Noise-Adaptive Confidence Sets for Linear Bandits and Application to Bayesian Optimization
Kwang-Sung Jun, Jungtaek Kim
TL;DR
This work addresses the challenge of learning under unknown noise in linear bandits by introducing two noise-adaptive strategies. Semi-adaptive LOSAN builds a weighted online ridge estimator with a confidence set whose width scales as $\tilde{O}(\sqrt{d\sigma_*^2 + \sigma_0^2})$, yielding improved regret bounds when the a priori noise bound is loose; fully adaptive LOFAV combines multiple base estimators into an intersection-of-ellipsoids to handle bounded noise, achieving variance-adaptive regret close to optimal and practical computation. The methods are empirically validated on synthetic tasks and Bayesian optimization benchmarks, where LOSAN and LOFAV show superior or comparable performance to OFUL and conventional Bayesian optimization, demonstrating practical variance adaptation in sequential decision-making. The proposed framework leverages regret equality from online learning to derive tight confidence sets and leads to practical algorithms that adapt to unknown noise while maintaining computational efficiency, with broad relevance to sequential optimization and BO applications.
Abstract
Adapting to a priori unknown noise level is a very important but challenging problem in sequential decision-making as efficient exploration typically requires knowledge of the noise level, which is often loosely specified. We report significant progress in addressing this issue for linear bandits in two respects.

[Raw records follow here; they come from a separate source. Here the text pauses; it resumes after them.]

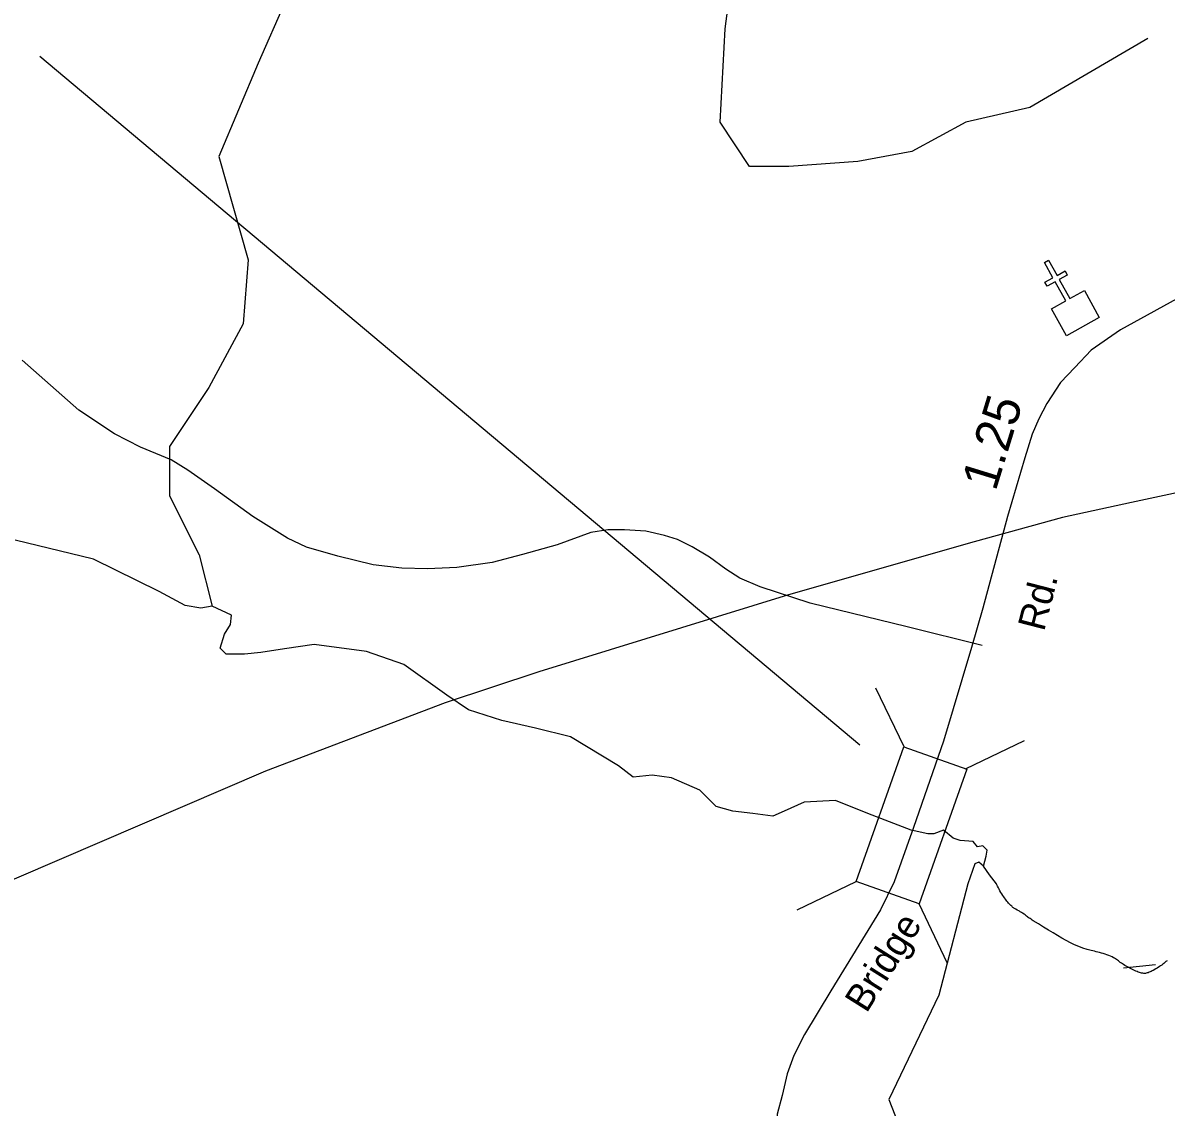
# Model space of a CAD drawing. Extents: x 2082433 to 2279600, y 546599 to 755198.
# Drawn here: x 2230636 to 2234603, y 579301 to 583063 of the extents above; entities that cross this region are included whole.
import ezdxf

# ---------------------------------------------------------------- set-up
doc = ezdxf.new("R2010")
doc.units = 0
for name, color, linetype in [('Exist Boundary Political CountyLine', 7, 'Continuous'), ('Exist Boundary Political Fire Districts', 7, 'Continuous'), ('Exist Cultural Church CELL', 7, 'Continuous'), ('Exist Hydrographic Creek Single Shore', 7, 'Continuous'), ('Exist Road Non-System Type 51', 7, 'Continuous'), ('Exist Road Secondary Mileage Hundredths English Label', 7, 'Continuous'), ('Exist Road Secondary Structure Standard Bridge CELL', 7, 'Continuous'), ('Exist Road Secondary Structure Standard Bridge Number Label', 7, 'Continuous'), ('Exist Road Secondary Type 51 Attributed', 7, 'Continuous'), ('Exist Road Secondary Type 51 Label', 7, 'Continuous'), ('Exist Utilities Electrical Transmission Line', 7, 'Continuous')]:
    doc.layers.add(name, color=color, linetype=linetype)

msp = doc.modelspace()

# ---------------------------------------------------------------- linework, layer by layer
at = {"layer": 'Exist Boundary Political CountyLine'}
for points in [[(2234110.5, 579970), (2234104.6, 579974.1), (2234101.3, 579976.2), (2234098.8, 579977.7), (2234096.2, 579979.1), (2234093.7, 579980.6), (2234091, 579982.1), (2234085.9, 579984.9), (2234081, 579987.7), (2234076.5, 579990.3), (2234074.4, 579991.5), (2234072.8, 579992.7), (2234071.2, 579993.8), (2234068.9, 579995.6), (2234066.8, 579997.8), (2234064.2, 580000.2), (2234061.5, 580002.8), (2234059.1, 580005.7), (2234056.2, 580008.8), (2234053.5, 580012.1), (2234050.4, 580015.6), (2234047.8, 580019.2), (2234044.9, 580023), (2234042, 580026.9), (2234039, 580030.9), (2234036.3, 580035), (2234032.4, 580040.6), (2234028.9, 580046.1), (2234026, 580051.5), (2234023, 580056.9), (2234020.5, 580062.2), (2234018, 580067.4), (2234015.8, 580072.6), (2234014.2, 580076.2), (2233989.7, 580107), (2233968.4, 580137.4), (2233952.2, 580150.6), (2233938.7, 580145.5), (2233914.7, 580076.2), (2233814, 579689), (2233640.3, 579326.9), (2233788, 578948.8)], [(2234606.3, 579809.1), (2234602, 579805.7), (2234598.3, 579802.6), (2234594.4, 579799.6), (2234590.8, 579796.6), (2234587.3, 579793.9), (2234583.6, 579791.1), (2234579.7, 579788.5), (2234571.7, 579783.2), (2234567.2, 579780.6), (2234557.5, 579775.1), (2234554.1, 579773.4), (2234550.6, 579771.7), (2234547.1, 579770.2), (2234543.6, 579768.8), (2234540.3, 579767.5), (2234536.8, 579766.6), (2234533.5, 579765.7), (2234530.5, 579765.2), (2234527.6, 579764.9), (2234524.7, 579764.9), (2234521.2, 579765.3), (2234517.6, 579766.1), (2234513.5, 579767), (2234509.8, 579768.3), (2234505.7, 579769.7), (2234501.6, 579771.4), (2234497.3, 579773.3), (2234492.7, 579775.4), (2234483.5, 579780), (2234478.8, 579782.5), (2234473.7, 579785.1), (2234468.5, 579787.7), (2234463.8, 579790.3), (2234459.3, 579792.9), (2234455, 579795.5), (2234450.9, 579798), (2234447.2, 579800.6), (2234443.7, 579803.2), (2234440.2, 579805.7), (2234437, 579808.1), (2234433.7, 579810.5), (2234426.9, 579815.1), (2234423.4, 579817.3), (2234419.9, 579819.4), (2234414.8, 579822.1), (2234409.1, 579824.8), (2234403.3, 579827.2), (2234397.2, 579829.4), (2234391, 579831.5), (2234384.7, 579833.5), (2234378.3, 579835.3), (2234372, 579837.1), (2234365.8, 579838.6), (2234359.5, 579840.1), (2234353.7, 579841.6), (2234348, 579842.9), (2234342.4, 579844.2), (2234328.1, 579848.1), (2234313.5, 579852.8), (2234299.2, 579858.3), (2234285, 579864.6), (2234270.5, 579871.5), (2234255.9, 579879.1), (2234240.9, 579887.4), (2234225.8, 579896.3), (2234210.2, 579905.6), (2234194, 579915.5), (2234177.2, 579925.9), (2234159.7, 579936.6), (2234141.5, 579947.8), (2234137.6, 579950.2), (2234133.9, 579952.6), (2234130.8, 579955), (2234127.5, 579957.2), (2234124.5, 579959.4), (2234121.8, 579961.6), (2234118.7, 579963.7), (2234116.1, 579965.8), (2234113.2, 579967.9), (2234110.5, 579970)]]:
    msp.add_lwpolyline(points, dxfattribs=at)
at = {"layer": 'Exist Boundary Political Fire Districts'}
for points in [[(2234463.8, 579790.3), (2234459.3, 579792.9), (2234455, 579795.5), (2234450.9, 579798), (2234447.2, 579800.6), (2234443.7, 579803.2), (2234440.2, 579805.7), (2234437, 579808.1), (2234433.7, 579810.5), (2234426.9, 579815.1), (2234423.4, 579817.3), (2234419.9, 579819.4), (2234414.8, 579822.1), (2234409.1, 579824.8), (2234403.3, 579827.2), (2234397.2, 579829.4), (2234391, 579831.5), (2234384.7, 579833.5), (2234378.3, 579835.3), (2234372, 579837.1), (2234365.8, 579838.6), (2234359.5, 579840.1), (2234353.7, 579841.6), (2234348, 579842.9), (2234342.4, 579844.2), (2234328.1, 579848.1), (2234313.5, 579852.8), (2234299.2, 579858.3), (2234285, 579864.6), (2234270.5, 579871.5), (2234255.9, 579879.1), (2234240.9, 579887.4), (2234225.8, 579896.3), (2234210.2, 579905.6), (2234194, 579915.5), (2234177.2, 579925.9), (2234159.7, 579936.6), (2234141.5, 579947.8), (2234137.6, 579950.2), (2234133.9, 579952.6), (2234130.8, 579955), (2234127.5, 579957.2), (2234124.5, 579959.4), (2234121.8, 579961.6), (2234118.7, 579963.7), (2234116.1, 579965.8), (2234113.2, 579967.9), (2234110.5, 579970), (2234104.6, 579974.1), (2234101.3, 579976.2), (2234098.8, 579977.7), (2234096.2, 579979.1), (2234093.7, 579980.6), (2234091, 579982.1), (2234085.9, 579984.9), (2234081, 579987.7), (2234076.5, 579990.3), (2234074.4, 579991.5), (2234072.8, 579992.7), (2234071.2, 579993.8), (2234068.9, 579995.6), (2234066.8, 579997.8), (2234064.2, 580000.2), (2234061.5, 580002.8), (2234059.1, 580005.7), (2234056.2, 580008.8), (2234053.5, 580012.1), (2234050.4, 580015.6), (2234047.8, 580019.2), (2234044.9, 580023), (2234042, 580026.9), (2234039, 580030.9), (2234036.3, 580035), (2234032.4, 580040.6), (2234028.9, 580046.1), (2234026, 580051.5), (2234023, 580056.9), (2234020.5, 580062.2), (2234018, 580067.4), (2234015.8, 580072.6), (2234014.2, 580076.2), (2233989.7, 580107), (2233968.4, 580137.4), (2233952.2, 580150.6), (2233938.7, 580145.5), (2233914.7, 580076.2), (2233814, 579689), (2233640.3, 579326.9), (2233788, 578948.8)], [(2234606.3, 579809.1), (2234602, 579805.7), (2234598.3, 579802.6), (2234594.4, 579799.6), (2234590.8, 579796.6), (2234587.3, 579793.9), (2234583.6, 579791.1), (2234579.7, 579788.5), (2234571.7, 579783.2), (2234567.2, 579780.6), (2234557.5, 579775.1), (2234554.1, 579773.4), (2234550.6, 579771.7), (2234547.1, 579770.2), (2234543.6, 579768.8), (2234540.3, 579767.5), (2234536.8, 579766.6), (2234533.5, 579765.7), (2234530.5, 579765.2), (2234527.6, 579764.9), (2234524.7, 579764.9), (2234521.2, 579765.3), (2234517.6, 579766.1), (2234513.5, 579767), (2234509.8, 579768.3), (2234505.7, 579769.7), (2234501.6, 579771.4), (2234497.3, 579773.3), (2234492.7, 579775.4), (2234483.5, 579780), (2234478.8, 579782.5), (2234473.7, 579785.1), (2234468.5, 579787.7), (2234463.8, 579790.3)]]:
    msp.add_lwpolyline(points, dxfattribs=at)
at = {"layer": 'Exist Cultural Church CELL'}
msp.add_lwpolyline([(2234205, 582070.6), (2234254.7, 582098.3), (2234217.8, 582164.9), (2234189.8, 582149.4), (2234182.1, 582163.4), (2234210, 582178.9), (2234180.9, 582231.5), (2234194.9, 582239.2), (2234224.1, 582186.6), (2234252, 582202.2), (2234259.8, 582188.2), (2234231.8, 582172.7), (2234268.7, 582106.1), (2234319.2, 582134), (2234370.8, 582040.9), (2234256.6, 581977.5)], close=True, dxfattribs=at)
at = {"layer": 'Exist Hydrographic Creek Single Shore'}
for points in [[(2234538.8, 583008.6), (2234129.5, 582769.8), (2233907.8, 582718.7), (2233720.2, 582616.3), (2233532.6, 582582.2), (2233293.9, 582565.2), (2233157.4, 582565.2), (2233055.1, 582718.7), (2233072.2, 583042.8), (2233106.3, 583298.6), (2233038.1, 583503.3)], [(2231639.7, 583349.8), (2231452.1, 582923.4), (2231315.6, 582599.3), (2231418, 582241.1), (2231400.9, 582019.3), (2231281.5, 581797.6), (2231145.1, 581592.9), (2231145.1, 581422.3), (2231247.4, 581217.6), (2231293, 581038.7)], [(2233968.4, 580137.4), (2233978.2, 580171.2), (2233981.2, 580192.3), (2233966.1, 580207.4), (2233948, 580204.4), (2233932.9, 580222.5), (2233887.6, 580225.6), (2233863.4, 580234.6), (2233830.2, 580261.8), (2233797, 580249.7), (2233775.8, 580249.7), (2233718.5, 580261.8), (2233567.4, 580319.3), (2233455.7, 580364.6), (2233346.9, 580358.6), (2233277.5, 580328.3), (2233238.2, 580310.2), (2233168.7, 580319.3), (2233099.3, 580328.3), (2233041.9, 580343.5), (2232984.5, 580400.9), (2232886.3, 580443.2), (2232819.9, 580452.3), (2232753.4, 580446.2), (2232702.1, 580485.5), (2232535.9, 580585.3), (2232415.1, 580615.5), (2232297.3, 580642.7), (2232182.6, 580679), (2232107, 580730.4), (2231957.5, 580836.2), (2231827.7, 580881.5), (2231646.4, 580905.7), (2231543.7, 580890.6), (2231462.2, 580878.5), (2231404.8, 580872.5), (2231341.4, 580872.5), (2231320.2, 580893.6), (2231335.3, 580942), (2231356.5, 580975.2), (2231359.5, 581008.5), (2231293, 581038.7), (2231253.8, 581032.7), (2231199.4, 581041.7), (2231108.8, 581090.1), (2230880.7, 581201.9), (2230608.9, 581268.4)], [(2234565.5, 579794.5), (2234454.5, 579782.9)]]:
    msp.add_lwpolyline(points, dxfattribs=at)
at = {"layer": 'Exist Road Non-System Type 51'}
msp.add_lwpolyline([(2233964, 580902.6), (2233703.7, 580967), (2233368, 581050.1), (2233194.2, 581106.1), (2233123, 581136.6), (2233075.5, 581167.1), (2233017.9, 581209.5), (2232958.5, 581245.1), (2232907.7, 581270.5), (2232861.9, 581284.1), (2232797.5, 581299.3), (2232722.9, 581304.4), (2232666.1, 581304.4), (2232606.7, 581294.3), (2232489.7, 581251.9), (2232369.3, 581218), (2232264.2, 581190.8), (2232141.3, 581173.9), (2232039.6, 581168.8), (2231951.4, 581170.5), (2231851.4, 581182.4), (2231728.4, 581212.9), (2231619.9, 581243.4), (2231553.8, 581275.6), (2231433.4, 581350.2), (2231301.2, 581446.8), (2231208.8, 581511.3), (2231151.1, 581546.9), (2231044.3, 581591), (2230954.5, 581636.7), (2230830.7, 581719.8), (2230633.2, 581892.8)], dxfattribs=at)
at = {"layer": 'Exist Road Secondary Structure Standard Bridge CELL'}
for p, q in [((2233693.3, 580550.7), (2233595.7, 580755)), ((2233906.7, 580475.3), (2234110.9, 580572.8)), ((2233322.7, 579986.1), (2233527, 580083.7)), ((2233842.9, 579802.2), (2233745.3, 580006.5))]:
    msp.add_line(p, q, dxfattribs=at)
msp.add_lwpolyline([(2233527, 580083.7), (2233692.2, 580551.1), (2233910.6, 580473.9), (2233745.3, 580006.5)], close=True, dxfattribs=at)
at = {"layer": 'Exist Road Secondary Structure Standard Bridge Number Label'}
msp.add_line((2233539.9, 580556.9), (2230695.3, 582945.8), dxfattribs=at)
at = {"layer": 'Exist Road Secondary Type 51 Attributed'}
for points in [[(2236022.9, 583018.4), (2235962.7, 582920.7), (2235885.7, 582828.6), (2235844.4, 582787.3), (2235764.6, 582719.7), (2235702.6, 582672.7), (2235467.8, 582545.9), (2235094, 582347.8), (2234686.4, 582130.8), (2234444, 581998.4), (2234342.6, 581927), (2234285.3, 581867.8), (2234236.5, 581815.2), (2234188.6, 581742.9), (2234160.4, 581689.4), (2234137.9, 581636.3), (2234112.5, 581553.7), (2234052.4, 581350.8), (2233966.9, 581032.4), (2233927.5, 580896.2), (2233829.8, 580570.8), (2233726.5, 580271.2)], [(2233726.5, 580271.2), (2233658.9, 580082.4), (2233611.9, 579986.1), (2233439.1, 579704.8), (2233348, 579552.7), (2233311.4, 579480.4), (2233287.9, 579416.5), (2233270, 579341.4), (2233253.1, 579277), (2233252.2, 579204.7), (2233247.5, 579132.4), (2233252.2, 579070.4), (2233275.7, 578968.5), (2233314.2, 578835.1), (2233430.6, 578505), (2233612.8, 577995.9), (2233729.3, 577651.7)]]:
    msp.add_lwpolyline(points, dxfattribs=at)
at = {"layer": 'Exist Utilities Electrical Transmission Line'}
msp.add_lwpolyline([(2242326.6, 582951.4), (2241450.5, 582776.3), (2239642.2, 582419.8), (2238147.3, 582133.7), (2235718.4, 581632.2), (2235608.7, 581615.4), (2235367.1, 581573.5), (2235031.7, 581516.7), (2234768.2, 581460.7), (2234482.9, 581398.3), (2234243.5, 581346.3), (2233936.3, 581262), (2233292.2, 581078.8), (2232426.6, 580811.8), (2232101.7, 580703.2), (2231477.9, 580466.3), (2230332.5, 579975.2)], dxfattribs=at)

# ---------------------------------------------------------------- texts
at = {"layer": 'Exist Road Secondary Mileage Hundredths English Label'}
msp.add_text('1.25', height=125, rotation=72.943, dxfattribs=at).set_placement((2234010.8, 581435.1))
at = {"layer": 'Exist Road Secondary Type 51 Label'}
for s, rotation, p in [('Rd.', 75.5521, (2234178.8, 580948.5)), ('Bridge', 57.8104, (2233562.8, 579624.1))]:
    msp.add_text(s, height=95, rotation=rotation, dxfattribs=at).set_placement(p)

doc.saveas('drawing.dxf')

First, we propose a novel confidence set that is `semi-adaptive' to the unknown sub-Gaussian parameter $σ_*^2$ in the sense that the (normalized) confidence width scales with $\sqrt{dσ_*^2 + σ_0^2}$ where $d$ is the dimension and $σ_0^2$ is the specified sub-Gaussian parameter (known) that can be much larger than $σ_*^2$. This is a significant improvement over $\sqrt{dσ_0^2}$ of the standard confidence set of Abbasi-Yadkori et al. (2011), especially when $d$ is large or $σ_*^2=0$. We show that this leads to an improved regret bound in linear bandits. Second, for bounded rewards, we propose a novel variance-adaptive confidence set that has much improved numerical performance upon prior art. We then apply this confidence set to develop, as we claim, the first practical variance-adaptive linear bandit algorithm via an optimistic approach, which is enabled by our novel regret analysis technique. Both of our confidence sets rely critically on `regret equality' from online learning. Our empirical evaluation in diverse Bayesian optimization tasks shows that our proposed algorithms demonstrate better or comparable performance compared to existing methods.